Not only does the state lack the money to pay for the legislation, Mr. Kefalas and his supporters are struggling to come up with the funds just to study the feasibility of the proposal. A blue-ribbon health care commission appointed by Governor Bill Ritter (D-CO) in 2007 rejected such an option, in part due to cost.

Critics say that the Colorado bill is unlikely to gain widespread support because of the extremely high startup costs (in the billions) that would be required. The state faces a total of $1 trillion in projected budget shortfalls this year and next.

So states might not have enough money for comprehensive reforms.

But state legislators certainly have ideas about how to improve our healthcare system, and are not afraid to share them.

Maybe Model 2 is a better solution: State Programs Paid for with Federal Dollars

In this scenario, the federal government would identify broad goals, and then the states would come up with their own strategies to achieve the national goals. The federal government would largely finance the state initiatives, and would renew funding if the national goals were met.

Supporters of this model point to the enormous differences between the states in terms of delivery systems and health statistics, and argue that an individual approach is really necessary.

Afterall, when it comes to the uninsured:

  • 3 states have a 20% uninsured rate; and
  • In 4-5 states, less than 10% of the population is uninsured.
  • The payment and delivery systems also vary state-to-state. One-third of the population in California is enrolled in a Health Maintenance Organization (HMO), while other states do not have a single HMO provider.

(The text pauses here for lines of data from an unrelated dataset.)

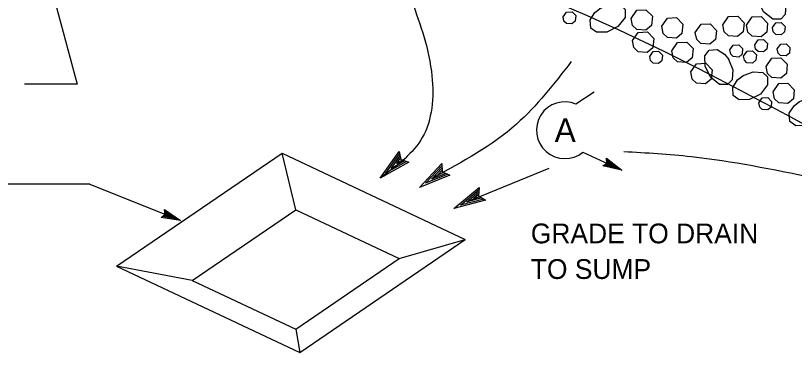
# Model space of a CAD drawing. Extents: x 6709491 to 6710959, y 1869789 to 1870763.
# Drawn here: x 6710515.2 to 6710751.9, y 1870221.6 to 1870323.8 of the extents above; entities that cross this region are included whole.
import ezdxf

# ---------------------------------------------------------------- set-up
doc = ezdxf.new("R2010")
doc.units = 0
for name, color, linetype in [('56 Stg 3 Anno', 7, 'Continuous'), ('57 Undefined', 7, 'Continuous'), ('60 Nongeo Data', 7, 'Continuous')]:
    doc.layers.add(name, color=color, linetype=linetype)

msp = doc.modelspace()

# ---------------------------------------------------------------- linework, layer by layer
at = {"layer": '56 Stg 3 Anno'}
for p, q in [((6710522.92, 1870344.3), (6710533.94, 1870302.96)), ((6710533.94, 1870302.96), (6710517.96, 1870302.96)), ((6710691.06, 1870300.55), (6710685.5, 1870296.97)), ((6710687.63, 1870282.38), (6710699.46, 1870276.93)), ((6710693.69, 1870278.18), (6710694.92, 1870279.02)), ((6710698.24, 1870277.49), (6710694.04, 1870278.4)), ((6710697.05, 1870278.04), (6710694.33, 1870278.63)), ((6710695.84, 1870278.6), (6710694.68, 1870278.85)), ((6710694.92, 1870279.02), (6710694.76, 1870280.51)), ((6710694.76, 1870280.51), (6710694.76, 1870280.51)), ((6710694.76, 1870280.51), (6710699.46, 1870276.93)), ((6710694.81, 1870280.11), (6710698.26, 1870277.49)), ((6710694.87, 1870279.71), (6710697.05, 1870278.04)), ((6710694.88, 1870279.33), (6710695.84, 1870278.6)), ((6710699.46, 1870276.93), (6710693.69, 1870278.18)), ((6710693.69, 1870278.18), (6710693.69, 1870278.18)), ((6710699.46, 1870276.93), (6710699.46, 1870276.93)), ((6710537.79, 1870272.64), (6710496.85, 1870272.64)), ((6710537.79, 1870272.64), (6710565.34, 1870261.62)), ((6710560.7, 1870263.47), (6710560.47, 1870264.95)), ((6710560.47, 1870264.95), (6710560.47, 1870264.95)), ((6710560.47, 1870264.95), (6710565.34, 1870261.62)), ((6710560.53, 1870264.56), (6710564.11, 1870262.11)), ((6710560.61, 1870264.15), (6710562.87, 1870262.6)), ((6710559.51, 1870262.57), (6710560.7, 1870263.47)), ((6710565.34, 1870261.62), (6710559.51, 1870262.57)), ((6710559.51, 1870262.57), (6710559.51, 1870262.57)), ((6710564.09, 1870262.11), (6710559.85, 1870262.81)), ((6710562.87, 1870262.6), (6710560.13, 1870263.05)), ((6710561.64, 1870263.1), (6710560.47, 1870263.29)), ((6710560.65, 1870263.78), (6710561.64, 1870263.1)), ((6710565.34, 1870261.62), (6710565.34, 1870261.62))]:
    msp.add_line(p, q, dxfattribs=at)
msp.add_arc((6710682.15, 1870289.04), 8.62, 67.1261, 309.4327, dxfattribs=at)
at = {"layer": '60 Nongeo Data'}
for p, q in [((6710545.91, 1870247.74), (6710596.21, 1870282.03)), ((6710596.21, 1870282.03), (6710651.87, 1870255.89)), ((6710600.37, 1870264.89), (6710596.21, 1870282.03)), ((6710626.02, 1870274.46), (6710631.78, 1870282.56)), ((6710627.69, 1870275.98), (6710631.89, 1870281.88)), ((6710629.34, 1870277.46), (6710632.05, 1870281.27)), ((6710631, 1870278.95), (6710632.16, 1870280.58)), ((6710631.78, 1870282.56), (6710631.78, 1870282.56)), ((6710631.78, 1870282.56), (6710632.26, 1870280.1)), ((6710634.68, 1870279.36), (6710626.02, 1870274.46)), ((6710634.03, 1870279.55), (6710627.68, 1870275.96)), ((6710633.36, 1870279.73), (6710629.34, 1870277.46)), ((6710632.77, 1870279.95), (6710631, 1870278.95)), ((6710632.26, 1870280.1), (6710634.68, 1870279.36)), ((6710634.68, 1870279.36), (6710634.68, 1870279.36)), ((6710637.96, 1870271.69), (6710644.74, 1870278.96)), ((6710639.81, 1870272.97), (6710644.76, 1870278.26)), ((6710644.74, 1870278.96), (6710644.74, 1870278.96)), ((6710644.74, 1870278.96), (6710644.89, 1870276.45)), ((6710641.64, 1870274.22), (6710644.84, 1870277.64)), ((6710645.93, 1870275.94), (6710641.64, 1870274.22)), ((6710643.49, 1870275.48), (6710644.85, 1870276.95)), ((6710645.38, 1870276.24), (6710643.49, 1870275.48)), ((6710644.89, 1870276.45), (6710647.18, 1870275.4)), ((6710677.28, 1870277.46), (6710652.25, 1870267.22)), ((6710626.02, 1870274.46), (6710626.02, 1870274.46)), ((6710647.18, 1870275.4), (6710637.96, 1870271.69)), ((6710646.57, 1870275.67), (6710639.8, 1870272.96)), ((6710647.18, 1870275.4), (6710647.18, 1870275.4)), ((6710637.96, 1870271.69), (6710637.96, 1870271.69)), ((6710648.41, 1870265.3), (6710656.08, 1870271.62)), ((6710656.08, 1870271.62), (6710655.91, 1870269.12)), ((6710656.08, 1870271.62), (6710656.08, 1870271.62)), ((6710650.42, 1870266.32), (6710656.01, 1870270.93)), ((6710652.4, 1870267.32), (6710656.01, 1870270.3)), ((6710654.39, 1870268.34), (6710655.93, 1870269.61)), ((6710656.36, 1870268.84), (6710654.39, 1870268.34)), ((6710655.91, 1870269.12), (6710658.04, 1870267.77)), ((6710658.04, 1870267.77), (6710648.41, 1870265.3)), ((6710657.47, 1870268.13), (6710650.4, 1870266.31)), ((6710656.87, 1870268.47), (6710652.4, 1870267.32)), ((6710658.04, 1870267.77), (6710658.04, 1870267.77)), ((6710568.89, 1870243.43), (6710600.37, 1870264.89)), ((6710600.37, 1870264.89), (6710631.82, 1870250.12)), ((6710648.41, 1870265.3), (6710648.41, 1870265.3)), ((6710601.56, 1870221.61), (6710651.87, 1870255.89)), ((6710631.82, 1870250.12), (6710651.87, 1870255.89)), ((6710600.34, 1870228.66), (6710631.82, 1870250.12)), ((6710545.91, 1870247.74), (6710601.56, 1870221.61)), ((6710568.89, 1870243.43), (6710545.91, 1870247.74)), ((6710568.89, 1870243.43), (6710600.34, 1870228.66)), ((6710600.34, 1870228.66), (6710601.56, 1870221.61))]:
    msp.add_line(p, q, dxfattribs=at)
for points in [[(6710748.03, 1870330.39), (6710749.32, 1870327.14), (6710749.06, 1870324.15), (6710747.71, 1870322.73), (6710745.28, 1870322.77), (6710742.53, 1870324.93), (6710740.86, 1870328.26), (6710740.81, 1870331.4), (6710742.06, 1870333.17), (6710744.56, 1870333.34), (6710746.8, 1870331.9), (6710748.11, 1870330.26)], [(6710692.79, 1870325.96), (6710696.05, 1870327.25), (6710699.03, 1870327), (6710700.46, 1870325.64), (6710700.41, 1870323.22), (6710698.25, 1870320.46), (6710694.92, 1870318.8), (6710691.78, 1870318.74), (6710690.01, 1870320), (6710689.85, 1870322.5), (6710691.28, 1870324.74), (6710692.92, 1870326.05)], [(6710702.26, 1870322.96), (6710704, 1870325.43), (6710706.77, 1870325.59), (6710708.71, 1870323.59), (6710708.43, 1870320.78), (6710706.71, 1870319.36), (6710703.97, 1870319.56), (6710702.68, 1870320.81), (6710702.26, 1870322.96)], [(6710681.59, 1870323.42), (6710682.63, 1870324.9), (6710684.3, 1870325), (6710685.46, 1870323.8), (6710685.29, 1870322.11), (6710684.26, 1870321.26), (6710682.61, 1870321.38), (6710681.84, 1870322.13), (6710681.59, 1870323.42)], [(6710711.56, 1870320.56), (6710713.29, 1870323.03), (6710716.07, 1870323.19), (6710718, 1870321.19), (6710717.72, 1870318.39), (6710716.01, 1870316.96), (6710713.27, 1870317.16), (6710711.98, 1870318.41), (6710711.56, 1870320.56)], [(6710730.12, 1870321.02), (6710731.86, 1870323.5), (6710734.64, 1870323.66), (6710736.57, 1870321.65), (6710736.29, 1870318.85), (6710734.57, 1870317.42), (6710731.83, 1870317.62), (6710730.54, 1870318.87), (6710730.12, 1870321.02)], [(6710737.28, 1870320.92), (6710739.02, 1870323.39), (6710741.79, 1870323.55), (6710743.73, 1870321.55), (6710743.45, 1870318.74), (6710741.73, 1870317.32), (6710738.99, 1870317.52), (6710737.7, 1870318.77), (6710737.28, 1870320.92)], [(6710721.77, 1870318.7), (6710723.51, 1870321.18), (6710726.28, 1870321.33), (6710728.21, 1870319.33), (6710727.93, 1870316.53), (6710726.22, 1870315.1), (6710723.48, 1870315.3), (6710722.19, 1870316.55), (6710721.77, 1870318.7)], [(6710745.19, 1870320.15), (6710746.24, 1870321.64), (6710747.9, 1870321.73), (6710749.06, 1870320.53), (6710748.89, 1870318.85), (6710747.86, 1870317.99), (6710746.22, 1870318.11), (6710745.44, 1870318.86), (6710745.19, 1870320.15)], [(6710702.69, 1870316.24), (6710704.43, 1870318.71), (6710707.21, 1870318.87), (6710709.14, 1870316.87), (6710708.86, 1870314.06), (6710707.15, 1870312.64), (6710704.41, 1870312.84), (6710703.11, 1870314.09), (6710702.7, 1870316.24)], [(6710739.81, 1870314.93), (6710740.85, 1870316.42), (6710742.52, 1870316.51), (6710743.68, 1870315.31), (6710743.51, 1870313.63), (6710742.48, 1870312.77), (6710740.83, 1870312.89), (6710740.06, 1870313.64), (6710739.81, 1870314.93)], [(6710714.65, 1870313.15), (6710716.39, 1870315.63), (6710719.16, 1870315.78), (6710721.09, 1870313.78), (6710720.82, 1870310.98), (6710719.1, 1870309.55), (6710716.36, 1870309.75), (6710715.07, 1870311), (6710714.65, 1870313.15)], [(6710732.27, 1870313.4), (6710733.31, 1870314.88), (6710734.98, 1870314.98), (6710736.14, 1870313.78), (6710735.97, 1870312.1), (6710734.94, 1870311.24), (6710733.3, 1870311.36), (6710732.52, 1870312.11), (6710732.27, 1870313.4)], [(6710746.66, 1870313.71), (6710747.7, 1870315.19), (6710749.37, 1870315.29), (6710750.53, 1870314.09), (6710750.36, 1870312.41), (6710749.33, 1870311.55), (6710747.69, 1870311.67), (6710746.91, 1870312.42), (6710746.66, 1870313.71)], [(6710707.92, 1870311.44), (6710708.97, 1870312.92), (6710710.63, 1870313.02), (6710711.79, 1870311.82), (6710711.63, 1870310.13), (6710710.6, 1870309.28), (6710708.95, 1870309.4), (6710708.18, 1870310.15), (6710707.93, 1870311.44)], [(6710731.89, 1870310.57), (6710733.18, 1870307.31), (6710732.92, 1870304.32), (6710731.57, 1870302.9), (6710729.15, 1870302.95), (6710726.39, 1870305.1), (6710724.73, 1870308.44), (6710724.67, 1870311.58), (6710725.93, 1870313.35), (6710728.43, 1870313.51), (6710730.66, 1870312.08), (6710731.98, 1870310.44)], [(6710736.45, 1870311.54), (6710737.49, 1870313.03), (6710739.16, 1870313.12), (6710740.32, 1870311.92), (6710740.15, 1870310.24), (6710739.12, 1870309.38), (6710737.47, 1870309.5), (6710736.7, 1870310.25), (6710736.45, 1870311.54)], [(6710720.4, 1870306.7), (6710722.14, 1870309.17), (6710724.92, 1870309.33), (6710726.85, 1870307.33), (6710726.57, 1870304.53), (6710724.85, 1870303.1), (6710722.11, 1870303.3), (6710720.82, 1870304.55), (6710720.4, 1870306.7)], [(6710743.26, 1870308.41), (6710745, 1870310.88), (6710747.78, 1870311.04), (6710749.71, 1870309.04), (6710749.43, 1870306.23), (6710747.71, 1870304.81), (6710744.97, 1870305.01), (6710743.68, 1870306.26), (6710743.26, 1870308.41)], [(6710736.07, 1870305.49), (6710739.32, 1870306.78), (6710742.31, 1870306.53), (6710743.73, 1870305.18), (6710743.69, 1870302.75), (6710741.53, 1870299.99), (6710738.2, 1870298.33), (6710735.06, 1870298.27), (6710733.29, 1870299.53), (6710733.13, 1870302.03), (6710734.56, 1870304.27), (6710736.2, 1870305.58)], [(6710745.4, 1870300.7), (6710747.14, 1870303.17), (6710749.92, 1870303.33), (6710751.85, 1870301.33), (6710751.57, 1870298.52), (6710749.85, 1870297.1), (6710747.11, 1870297.3), (6710745.82, 1870298.55), (6710745.4, 1870300.7)], [(6710741.08, 1870297.34), (6710742.12, 1870298.83), (6710743.79, 1870298.92), (6710744.94, 1870297.72), (6710744.78, 1870296.04), (6710743.75, 1870295.18), (6710742.1, 1870295.3), (6710741.33, 1870296.05), (6710741.08, 1870297.34)], [(6710753.27, 1870297.62), (6710756.53, 1870298.91), (6710759.51, 1870298.65), (6710760.94, 1870297.3), (6710760.89, 1870294.88), (6710758.73, 1870292.12), (6710755.4, 1870290.46), (6710752.26, 1870290.4), (6710750.49, 1870291.66), (6710750.33, 1870294.16), (6710751.76, 1870296.4), (6710753.4, 1870297.71)]]:
    msp.add_lwpolyline(points, dxfattribs=at)
for points in [[(6710505.99, 1870337.51), (6710532.99, 1870347.83), (6710590.83, 1870352.57), (6710625.79, 1870346.13), (6710776.97, 1870278.77)], [(6710635.61, 1870328.27), (6710641.74, 1870305.49), (6710638.82, 1870286.79), (6710626.85, 1870275.11)], [(6710684.07, 1870309.87), (6710667.43, 1870290.88), (6710642.03, 1870274.53)], [(6710757.64, 1870274.53), (6710720.56, 1870280.95), (6710700.05, 1870282.48)]]:
    msp.add_spline(points, degree=3, dxfattribs=at)

# ---------------------------------------------------------------- texts
at = {"layer": '57 Undefined'}
for s, height, p in [('A', 7.21, (6710679.02, 1870285.43)), ('GRADE TO DRAIN ', 6, (6710671.79, 1870254.7)), ('TO SUMP', 6, (6710671.79, 1870243.9))]:
    msp.add_text(s, height=height, dxfattribs=at).set_placement(p)

doc.saveas('drawing.dxf')

And by having the federal government mandate broad goals, all states would be required to do something about the healthcare crisis (not just those states that are motivated to do so).

But this model is not the best solution, nor is it most likely to improve our healthcare system overall.

State-led innovation was essential when the federal government was not part of the conversation, but that is now changing.

The American people elected a new presidential administration and Congress to direct the national conversation on healthcare and come to a consensus about the best way forward.

We are looking to the federal government not only to set coverage goals, but also to reduce the cost, and increase the effectiveness, of the overall system.